*** Opening INPUT FOR THIS TASK ***

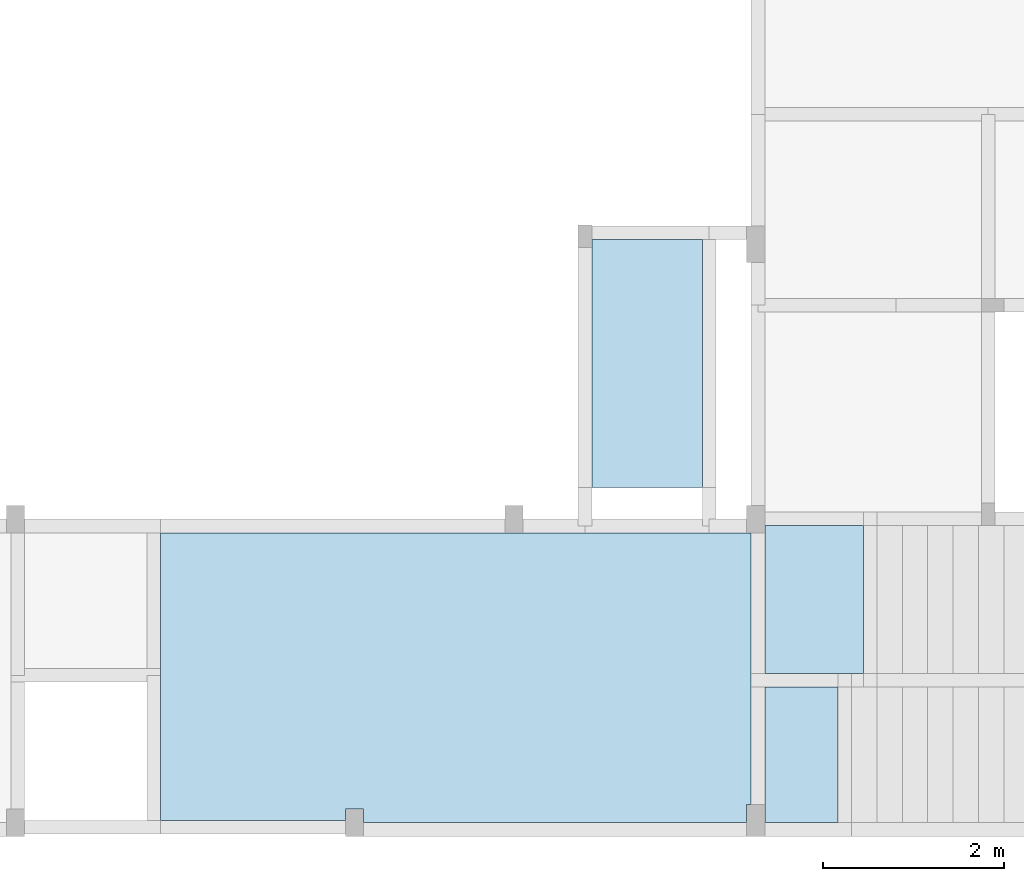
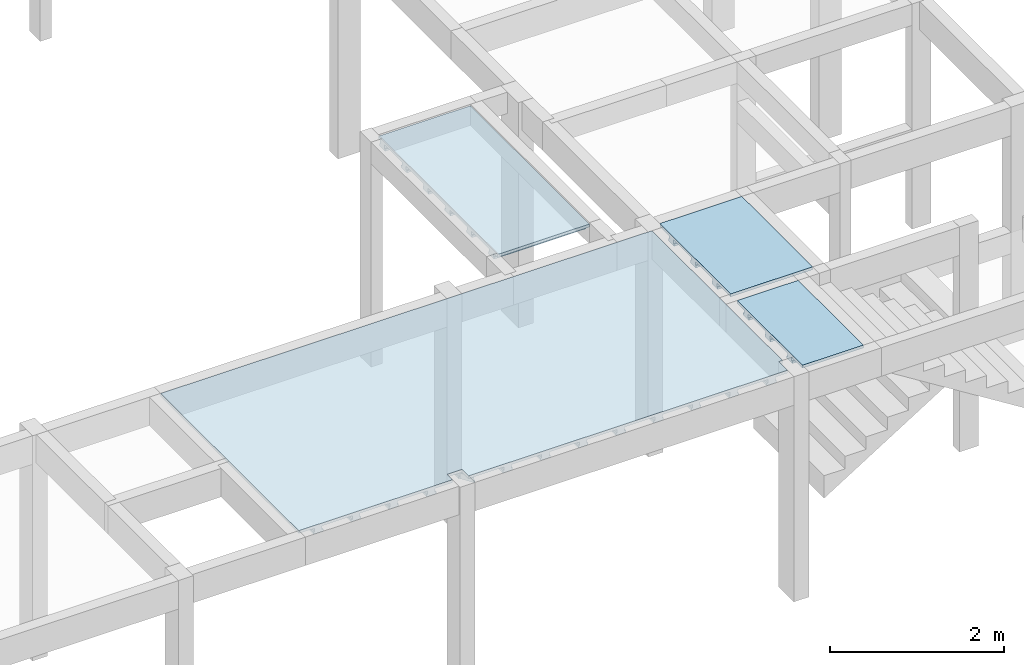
# One storey, part 6 of 11: 4 slabs.
"""IFC4 building model written with IfcOpenShell, lengths in centimetres."""

from ifc_helpers import new_model, si_unit, derived_unit, frame, origin_with_axes, place, context, project, spatial, polyline, outline, extrude, faceted_brep, material, element, save


model = new_model("IFC4")

# Units and contexts
model_context = context("Model", 3, precision=1e-05, world=origin_with_axes(), identifier="Body")
ifc_project = project(units=[si_unit("LENGTHUNIT", "METRE", prefix="CENTI"), si_unit("VOLUMEUNIT", "CUBIC_METRE"), si_unit("AREAUNIT", "SQUARE_METRE"), si_unit("POWERUNIT", "WATT"), si_unit("LUMINOUSFLUXUNIT", "LUMEN"), si_unit("ELECTRICCURRENTUNIT", "AMPERE"), si_unit("PRESSUREUNIT", "PASCAL", prefix="KILO"), si_unit("MASSUNIT", "GRAM", prefix="KILO"), si_unit("PLANEANGLEUNIT", "RADIAN"), derived_unit("VOLUMETRICFLOWRATEUNIT", [(si_unit("LENGTHUNIT", "METRE"), 3), (si_unit("TIMEUNIT", "SECOND"), -1)])], contexts=[model_context])

# Site, building, storey
site_placement = place(None, origin_with_axes())
site = spatial("IfcSite", under=ifc_project, at=site_placement)
building_placement = place(site_placement, frame((0.0, 0.0, -295.0)))
building = spatial("IfcBuilding", under=site, at=building_placement)
placement_1 = place(building_placement, origin_with_axes())
placement_2 = place(placement_1, frame((0.0, 0.0, 101.0), z_axis=(0.0, 0.0, 1.0), x_axis=(1.0, 0.0, 0.0)))
placement_3 = place(placement_2, frame((0.0, 0.0, 204.0), z_axis=(0.0, 0.0, 1.0), x_axis=(1.0, 0.0, 0.0)))
storey_placement = place(placement_3, frame((0.0, 0.0, 292.0), z_axis=(0.0, 0.0, 1.0), x_axis=(1.0, 0.0, 0.0)))
storey = spatial("IfcBuildingStorey", under=building, at=storey_placement, Name="PAVTO 01", CompositionType="ELEMENT", Elevation=302.0)

# Slabs
ifc_material = material(Name="Concreto")
slab_1_placement = place(storey_placement, frame((3390.7205, -6657.4055, -2.0), z_axis=(0.0, 0.0, 1.0), x_axis=(1.0, 0.0, 0.0)))
element("IfcSlab", 1, at=slab_1_placement, inside=storey, material=ifc_material, Name="L111", PredefinedType="FLOOR", context=model_context, shape_type="SolidModel", body=[
    extrude(outline(polyline([(60.989, 136.854), (-60.989, 136.854), (-60.989, -136.855), (60.99, -136.855), (60.989, 136.854), (60.989, 136.854)])), frame((-0.0005, 0.0005, -4.0), z_axis=(0.0, 0.0, 1.0), x_axis=(1.0, 0.0, 0.0)), (0.0, 0.0, 1.0), 4.0),
    faceted_brep([(-60.9895, -116.8545, -12.0), (60.989, -116.8545, -12.0), (60.989, -126.8545, -12.0), (-60.9895, -126.8545, -12.0), (-60.9895, -126.8545, -4.0), (60.989, -126.8545, -4.0), (60.989, -116.8545, -4.0), (-60.9895, -116.8545, -4.0)], [[[0, 1, 2, 3]], [[4, 5, 6, 7]], [[4, 3, 5]], [[3, 2, 5]], [[5, 2, 6]], [[2, 1, 6]], [[6, 1, 7]], [[1, 0, 7]], [[7, 0, 4]], [[0, 3, 4]]]),
    faceted_brep([(-60.9895, -115.3545, -12.0), (60.989, -115.3545, -12.0), (60.989, -116.8545, -12.0), (-60.9895, -116.8545, -12.0), (-60.9895, -116.8545, -9.0), (60.989, -116.8545, -9.0), (60.989, -115.3545, -9.0), (-60.9895, -115.3545, -9.0)], [[[0, 1, 2, 3]], [[4, 5, 6, 7]], [[4, 3, 5]], [[3, 2, 5]], [[5, 2, 6]], [[2, 1, 6]], [[6, 1, 7]], [[1, 0, 7]], [[7, 0, 4]], [[0, 3, 4]]]),
    faceted_brep([(-60.9895, -126.8545, -12.0), (60.989, -126.8545, -12.0), (60.989, -128.3545, -12.0), (-60.9895, -128.3545, -12.0), (-60.9895, -128.3545, -9.0), (60.989, -128.3545, -9.0), (60.989, -126.8545, -9.0), (-60.9895, -126.8545, -9.0)], [[[0, 1, 2, 3]], [[4, 5, 6, 7]], [[4, 3, 5]], [[3, 2, 5]], [[5, 2, 6]], [[2, 1, 6]], [[6, 1, 7]], [[1, 0, 7]], [[7, 0, 4]], [[0, 3, 4]]]),
    faceted_brep([(-60.9895, -66.8545, -12.0), (60.989, -66.8545, -12.0), (60.989, -76.8545, -12.0), (-60.9895, -76.8545, -12.0), (-60.9895, -76.8545, -4.0), (60.989, -76.8545, -4.0), (60.989, -66.8545, -4.0), (-60.9895, -66.8545, -4.0)], [[[0, 1, 2, 3]], [[4, 5, 6, 7]], [[4, 3, 5]], [[3, 2, 5]], [[5, 2, 6]], [[2, 1, 6]], [[6, 1, 7]], [[1, 0, 7]], [[7, 0, 4]], [[0, 3, 4]]]),
    faceted_brep([(-60.9895, -65.3545, -12.0), (60.989, -65.3545, -12.0), (60.989, -66.8545, -12.0), (-60.9895, -66.8545, -12.0), (-60.9895, -66.8545, -9.0), (60.989, -66.8545, -9.0), (60.989, -65.3545, -9.0), (-60.9895, -65.3545, -9.0)], [[[0, 1, 2, 3]], [[4, 5, 6, 7]], [[4, 3, 5]], [[3, 2, 5]], [[5, 2, 6]], [[2, 1, 6]], [[6, 1, 7]], [[1, 0, 7]], [[7, 0, 4]], [[0, 3, 4]]]),
    faceted_brep([(-60.9895, -76.8545, -12.0), (60.989, -76.8545, -12.0), (60.989, -78.3545, -12.0), (-60.9895, -78.3545, -12.0), (-60.9895, -78.3545, -9.0), (60.989, -78.3545, -9.0), (60.989, -76.8545, -9.0), (-60.9895, -76.8545, -9.0)], [[[0, 1, 2, 3]], [[4, 5, 6, 7]], [[4, 3, 5]], [[3, 2, 5]], [[5, 2, 6]], [[2, 1, 6]], [[6, 1, 7]], [[1, 0, 7]], [[7, 0, 4]], [[0, 3, 4]]]),
    faceted_brep([(-60.9895, -16.8545, -12.0), (60.989, -16.8545, -12.0), (60.989, -26.8545, -12.0), (-60.9895, -26.8545, -12.0), (-60.9895, -26.8545, -4.0), (60.989, -26.8545, -4.0), (60.989, -16.8545, -4.0), (-60.9895, -16.8545, -4.0)], [[[0, 1, 2, 3]], [[4, 5, 6, 7]], [[4, 3, 5]], [[3, 2, 5]], [[5, 2, 6]], [[2, 1, 6]], [[6, 1, 7]], [[1, 0, 7]], [[7, 0, 4]], [[0, 3, 4]]]),
    faceted_brep([(-60.9895, -15.3545, -12.0), (60.989, -15.3545, -12.0), (60.989, -16.8545, -12.0), (-60.9895, -16.8545, -12.0), (-60.9895, -16.8545, -9.0), (60.989, -16.8545, -9.0), (60.989, -15.3545, -9.0), (-60.9895, -15.3545, -9.0)], [[[0, 1, 2, 3]], [[4, 5, 6, 7]], [[4, 3, 5]], [[3, 2, 5]], [[5, 2, 6]], [[2, 1, 6]], [[6, 1, 7]], [[1, 0, 7]], [[7, 0, 4]], [[0, 3, 4]]]),
    faceted_brep([(-60.9895, -26.8545, -12.0), (60.989, -26.8545, -12.0), (60.989, -28.3545, -12.0), (-60.9895, -28.3545, -12.0), (-60.9895, -28.3545, -9.0), (60.989, -28.3545, -9.0), (60.989, -26.8545, -9.0), (-60.9895, -26.8545, -9.0)], [[[0, 1, 2, 3]], [[4, 5, 6, 7]], [[4, 3, 5]], [[3, 2, 5]], [[5, 2, 6]], [[2, 1, 6]], [[6, 1, 7]], [[1, 0, 7]], [[7, 0, 4]], [[0, 3, 4]]]),
    faceted_brep([(-60.9895, 33.1455, -12.0), (60.989, 33.1455, -12.0), (60.989, 23.1455, -12.0), (-60.9895, 23.1455, -12.0), (-60.9895, 23.1455, -4.0), (60.989, 23.1455, -4.0), (60.989, 33.1455, -4.0), (-60.9895, 33.1455, -4.0)], [[[0, 1, 2, 3]], [[4, 5, 6, 7]], [[4, 3, 5]], [[3, 2, 5]], [[5, 2, 6]], [[2, 1, 6]], [[6, 1, 7]], [[1, 0, 7]], [[7, 0, 4]], [[0, 3, 4]]]),
    faceted_brep([(-60.9895, 34.6455, -12.0), (60.989, 34.6455, -12.0), (60.989, 33.1455, -12.0), (-60.9895, 33.1455, -12.0), (-60.9895, 33.1455, -9.0), (60.989, 33.1455, -9.0), (60.989, 34.6455, -9.0), (-60.9895, 34.6455, -9.0)], [[[0, 1, 2, 3]], [[4, 5, 6, 7]], [[4, 3, 5]], [[3, 2, 5]], [[5, 2, 6]], [[2, 1, 6]], [[6, 1, 7]], [[1, 0, 7]], [[7, 0, 4]], [[0, 3, 4]]]),
    faceted_brep([(-60.9895, 23.1455, -12.0), (60.989, 23.1455, -12.0), (60.989, 21.6455, -12.0), (-60.9895, 21.6455, -12.0), (-60.9895, 21.6455, -9.0), (60.989, 21.6455, -9.0), (60.989, 23.1455, -9.0), (-60.9895, 23.1455, -9.0)], [[[0, 1, 2, 3]], [[4, 5, 6, 7]], [[4, 3, 5]], [[3, 2, 5]], [[5, 2, 6]], [[2, 1, 6]], [[6, 1, 7]], [[1, 0, 7]], [[7, 0, 4]], [[0, 3, 4]]]),
    faceted_brep([(-60.9895, 83.1455, -12.0), (60.989, 83.1455, -12.0), (60.989, 73.1455, -12.0), (-60.9895, 73.1455, -12.0), (-60.9895, 73.1455, -4.0), (60.989, 73.1455, -4.0), (60.989, 83.1455, -4.0), (-60.9895, 83.1455, -4.0)], [[[0, 1, 2, 3]], [[4, 5, 6, 7]], [[4, 3, 5]], [[3, 2, 5]], [[5, 2, 6]], [[2, 1, 6]], [[6, 1, 7]], [[1, 0, 7]], [[7, 0, 4]], [[0, 3, 4]]]),
    faceted_brep([(-60.9895, 84.6455, -12.0), (60.989, 84.6455, -12.0), (60.989, 83.1455, -12.0), (-60.9895, 83.1455, -12.0), (-60.9895, 83.1455, -9.0), (60.989, 83.1455, -9.0), (60.989, 84.6455, -9.0), (-60.9895, 84.6455, -9.0)], [[[0, 1, 2, 3]], [[4, 5, 6, 7]], [[4, 3, 5]], [[3, 2, 5]], [[5, 2, 6]], [[2, 1, 6]], [[6, 1, 7]], [[1, 0, 7]], [[7, 0, 4]], [[0, 3, 4]]]),
    faceted_brep([(-60.9895, 73.1455, -12.0), (60.989, 73.1455, -12.0), (60.989, 71.6455, -12.0), (-60.9895, 71.6455, -12.0), (-60.9895, 71.6455, -9.0), (60.989, 71.6455, -9.0), (60.989, 73.1455, -9.0), (-60.9895, 73.1455, -9.0)], [[[0, 1, 2, 3]], [[4, 5, 6, 7]], [[4, 3, 5]], [[3, 2, 5]], [[5, 2, 6]], [[2, 1, 6]], [[6, 1, 7]], [[1, 0, 7]], [[7, 0, 4]], [[0, 3, 4]]]),
    faceted_brep([(-60.9895, 133.1455, -12.0), (60.989, 133.1455, -12.0), (60.989, 123.1455, -12.0), (-60.9895, 123.1455, -12.0), (-60.9895, 123.1455, -4.0), (60.989, 123.1455, -4.0), (60.989, 133.1455, -4.0), (-60.9895, 133.1455, -4.0)], [[[0, 1, 2, 3]], [[4, 5, 6, 7]], [[4, 3, 5]], [[3, 2, 5]], [[5, 2, 6]], [[2, 1, 6]], [[6, 1, 7]], [[1, 0, 7]], [[7, 0, 4]], [[0, 3, 4]]]),
    faceted_brep([(-60.9895, 134.6455, -12.0), (60.989, 134.6455, -12.0), (60.989, 133.1455, -12.0), (-60.9895, 133.1455, -12.0), (-60.9895, 133.1455, -9.0), (60.989, 133.1455, -9.0), (60.989, 134.6455, -9.0), (-60.9895, 134.6455, -9.0)], [[[0, 1, 2, 3]], [[4, 5, 6, 7]], [[4, 3, 5]], [[3, 2, 5]], [[5, 2, 6]], [[2, 1, 6]], [[6, 1, 7]], [[1, 0, 7]], [[7, 0, 4]], [[0, 3, 4]]]),
    faceted_brep([(-60.9895, 123.1455, -12.0), (60.989, 123.1455, -12.0), (60.989, 121.6455, -12.0), (-60.9895, 121.6455, -12.0), (-60.9895, 121.6455, -9.0), (60.989, 121.6455, -9.0), (60.989, 123.1455, -9.0), (-60.9895, 123.1455, -9.0)], [[[0, 1, 2, 3]], [[4, 5, 6, 7]], [[4, 3, 5]], [[3, 2, 5]], [[5, 2, 6]], [[2, 1, 6]], [[6, 1, 7]], [[1, 0, 7]], [[7, 0, 4]], [[0, 3, 4]]]),
])
slab_2_placement = place(storey_placement, frame((3179.665, -7004.255, 0.0), z_axis=(0.0, 0.0, 1.0), x_axis=(1.0, 0.0, 0.0)))
element("IfcSlab", 2, at=slab_2_placement, inside=storey, material=ifc_material, Name="L119", PredefinedType="FLOOR", context=model_context, shape_type="SolidModel", body=[
    extrude(outline(polyline([(321.065, -140.055), (326.064, -140.054), (326.064, 160.055), (-326.064, 160.054), (-326.064, -157.594), (-122.125, -157.594), (-122.125, -145.055), (-102.125, -145.055), (-102.125, -160.055), (321.065, -160.055), (321.065, -140.055), (321.065, -140.055)])), frame((0.0, 0.0, -4.0), z_axis=(0.0, 0.0, 1.0), x_axis=(1.0, 0.0, 0.0)), (0.0, 0.0, 1.0), 4.0),
    faceted_brep([(-5.0, -160.055, -12.0), (-5.0, 160.0545, -12.0), (5.0, 160.0545, -12.0), (5.0, -160.055, -12.0), (5.0, -160.055, -4.0), (5.0, 160.0545, -4.0), (-5.0, 160.0545, -4.0), (-5.0, -160.055, -4.0)], [[[0, 1, 2, 3]], [[4, 5, 6, 7]], [[4, 3, 5]], [[3, 2, 5]], [[5, 2, 6]], [[2, 1, 6]], [[6, 1, 7]], [[1, 0, 7]], [[7, 0, 4]], [[0, 3, 4]]]),
    faceted_brep([(-6.5, -160.055, -12.0), (-6.5, 160.0545, -12.0), (-5.0, 160.0545, -12.0), (-5.0, -160.055, -12.0), (-5.0, -160.055, -9.0), (-5.0, 160.0545, -9.0), (-6.5, 160.0545, -9.0), (-6.5, -160.055, -9.0)], [[[0, 1, 2, 3]], [[4, 5, 6, 7]], [[4, 3, 5]], [[3, 2, 5]], [[5, 2, 6]], [[2, 1, 6]], [[6, 1, 7]], [[1, 0, 7]], [[7, 0, 4]], [[0, 3, 4]]]),
    faceted_brep([(5.0, -160.055, -12.0), (5.0, 160.0545, -12.0), (6.5, 160.0545, -12.0), (6.5, -160.055, -12.0), (6.5, -160.055, -9.0), (6.5, 160.0545, -9.0), (5.0, 160.0545, -9.0), (5.0, -160.055, -9.0)], [[[0, 1, 2, 3]], [[4, 5, 6, 7]], [[4, 3, 5]], [[3, 2, 5]], [[5, 2, 6]], [[2, 1, 6]], [[6, 1, 7]], [[1, 0, 7]], [[7, 0, 4]], [[0, 3, 4]]]),
    faceted_brep([(-55.0, -160.055, -12.0), (-55.0, 160.0545, -12.0), (-45.0, 160.0545, -12.0), (-45.0, -160.055, -12.0), (-45.0, -160.055, -4.0), (-45.0, 160.0545, -4.0), (-55.0, 160.0545, -4.0), (-55.0, -160.055, -4.0)], [[[0, 1, 2, 3]], [[4, 5, 6, 7]], [[4, 3, 5]], [[3, 2, 5]], [[5, 2, 6]], [[2, 1, 6]], [[6, 1, 7]], [[1, 0, 7]], [[7, 0, 4]], [[0, 3, 4]]]),
    faceted_brep([(-56.5, -160.055, -12.0), (-56.5, 160.0545, -12.0), (-55.0, 160.0545, -12.0), (-55.0, -160.055, -12.0), (-55.0, -160.055, -9.0), (-55.0, 160.0545, -9.0), (-56.5, 160.0545, -9.0), (-56.5, -160.055, -9.0)], [[[0, 1, 2, 3]], [[4, 5, 6, 7]], [[4, 3, 5]], [[3, 2, 5]], [[5, 2, 6]], [[2, 1, 6]], [[6, 1, 7]], [[1, 0, 7]], [[7, 0, 4]], [[0, 3, 4]]]),
    faceted_brep([(-45.0, -160.055, -12.0), (-45.0, 160.0545, -12.0), (-43.5, 160.0545, -12.0), (-43.5, -160.055, -12.0), (-43.5, -160.055, -9.0), (-43.5, 160.0545, -9.0), (-45.0, 160.0545, -9.0), (-45.0, -160.055, -9.0)], [[[0, 1, 2, 3]], [[4, 5, 6, 7]], [[4, 3, 5]], [[3, 2, 5]], [[5, 2, 6]], [[2, 1, 6]], [[6, 1, 7]], [[1, 0, 7]], [[7, 0, 4]], [[0, 3, 4]]]),
    faceted_brep([(-105.0, -145.055, -12.0), (-105.0, 160.0545, -12.0), (-95.0, 160.0545, -12.0), (-95.0, -160.055, -12.0), (-95.0, -160.055, -4.0), (-95.0, 160.0545, -4.0), (-105.0, 160.0545, -4.0), (-105.0, -145.055, -4.0)], [[[0, 1, 2, 3]], [[4, 5, 6, 7]], [[4, 3, 5]], [[3, 2, 5]], [[5, 2, 6]], [[2, 1, 6]], [[6, 1, 7]], [[1, 0, 7]], [[7, 0, 4]], [[0, 3, 4]]]),
    faceted_brep([(-106.5, -145.055, -12.0), (-106.5, 160.0545, -12.0), (-105.0, 160.0545, -12.0), (-105.0, -145.055, -12.0), (-105.0, -145.055, -9.0), (-105.0, 160.0545, -9.0), (-106.5, 160.0545, -9.0), (-106.5, -145.055, -9.0)], [[[0, 1, 2, 3]], [[4, 5, 6, 7]], [[4, 3, 5]], [[3, 2, 5]], [[5, 2, 6]], [[2, 1, 6]], [[6, 1, 7]], [[1, 0, 7]], [[7, 0, 4]], [[0, 3, 4]]]),
    faceted_brep([(-95.0, -160.055, -12.0), (-95.0, 160.0545, -12.0), (-93.5, 160.0545, -12.0), (-93.5, -160.055, -12.0), (-93.5, -160.055, -9.0), (-93.5, 160.0545, -9.0), (-95.0, 160.0545, -9.0), (-95.0, -160.055, -9.0)], [[[0, 1, 2, 3]], [[4, 5, 6, 7]], [[4, 3, 5]], [[3, 2, 5]], [[5, 2, 6]], [[2, 1, 6]], [[6, 1, 7]], [[1, 0, 7]], [[7, 0, 4]], [[0, 3, 4]]]),
    faceted_brep([(-155.0, -157.594, -12.0), (-155.0, 160.0545, -12.0), (-145.0, 160.0545, -12.0), (-145.0, -157.594, -12.0), (-145.0, -157.594, -4.0), (-145.0, 160.0545, -4.0), (-155.0, 160.0545, -4.0), (-155.0, -157.594, -4.0)], [[[0, 1, 2, 3]], [[4, 5, 6, 7]], [[4, 3, 5]], [[3, 2, 5]], [[5, 2, 6]], [[2, 1, 6]], [[6, 1, 7]], [[1, 0, 7]], [[7, 0, 4]], [[0, 3, 4]]]),
    faceted_brep([(-156.5, -157.594, -12.0), (-156.5, 160.0545, -12.0), (-155.0, 160.0545, -12.0), (-155.0, -157.594, -12.0), (-155.0, -157.594, -9.0), (-155.0, 160.0545, -9.0), (-156.5, 160.0545, -9.0), (-156.5, -157.594, -9.0)], [[[0, 1, 2, 3]], [[4, 5, 6, 7]], [[4, 3, 5]], [[3, 2, 5]], [[5, 2, 6]], [[2, 1, 6]], [[6, 1, 7]], [[1, 0, 7]], [[7, 0, 4]], [[0, 3, 4]]]),
    faceted_brep([(-145.0, -157.594, -12.0), (-145.0, 160.0545, -12.0), (-143.5, 160.0545, -12.0), (-143.5, -157.594, -12.0), (-143.5, -157.594, -9.0), (-143.5, 160.0545, -9.0), (-145.0, 160.0545, -9.0), (-145.0, -157.594, -9.0)], [[[0, 1, 2, 3]], [[4, 5, 6, 7]], [[4, 3, 5]], [[3, 2, 5]], [[5, 2, 6]], [[2, 1, 6]], [[6, 1, 7]], [[1, 0, 7]], [[7, 0, 4]], [[0, 3, 4]]]),
    faceted_brep([(-205.0, -157.594, -12.0), (-205.0, 160.0545, -12.0), (-195.0, 160.0545, -12.0), (-195.0, -157.594, -12.0), (-195.0, -157.594, -4.0), (-195.0, 160.0545, -4.0), (-205.0, 160.0545, -4.0), (-205.0, -157.594, -4.0)], [[[0, 1, 2, 3]], [[4, 5, 6, 7]], [[4, 3, 5]], [[3, 2, 5]], [[5, 2, 6]], [[2, 1, 6]], [[6, 1, 7]], [[1, 0, 7]], [[7, 0, 4]], [[0, 3, 4]]]),
    faceted_brep([(-206.5, -157.594, -12.0), (-206.5, 160.0545, -12.0), (-205.0, 160.0545, -12.0), (-205.0, -157.594, -12.0), (-205.0, -157.594, -9.0), (-205.0, 160.0545, -9.0), (-206.5, 160.0545, -9.0), (-206.5, -157.594, -9.0)], [[[0, 1, 2, 3]], [[4, 5, 6, 7]], [[4, 3, 5]], [[3, 2, 5]], [[5, 2, 6]], [[2, 1, 6]], [[6, 1, 7]], [[1, 0, 7]], [[7, 0, 4]], [[0, 3, 4]]]),
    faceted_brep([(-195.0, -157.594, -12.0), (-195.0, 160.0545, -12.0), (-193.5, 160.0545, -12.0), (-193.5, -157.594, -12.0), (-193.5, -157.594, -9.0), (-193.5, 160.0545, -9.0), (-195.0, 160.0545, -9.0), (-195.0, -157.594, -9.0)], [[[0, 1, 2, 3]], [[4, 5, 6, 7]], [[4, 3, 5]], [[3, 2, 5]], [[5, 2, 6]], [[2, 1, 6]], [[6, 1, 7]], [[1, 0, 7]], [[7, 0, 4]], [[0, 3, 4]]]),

*** Closing INPUT FOR THIS TASK ***

In the records above, how many lines contain the word "IfcSlab"? Say only the number.

2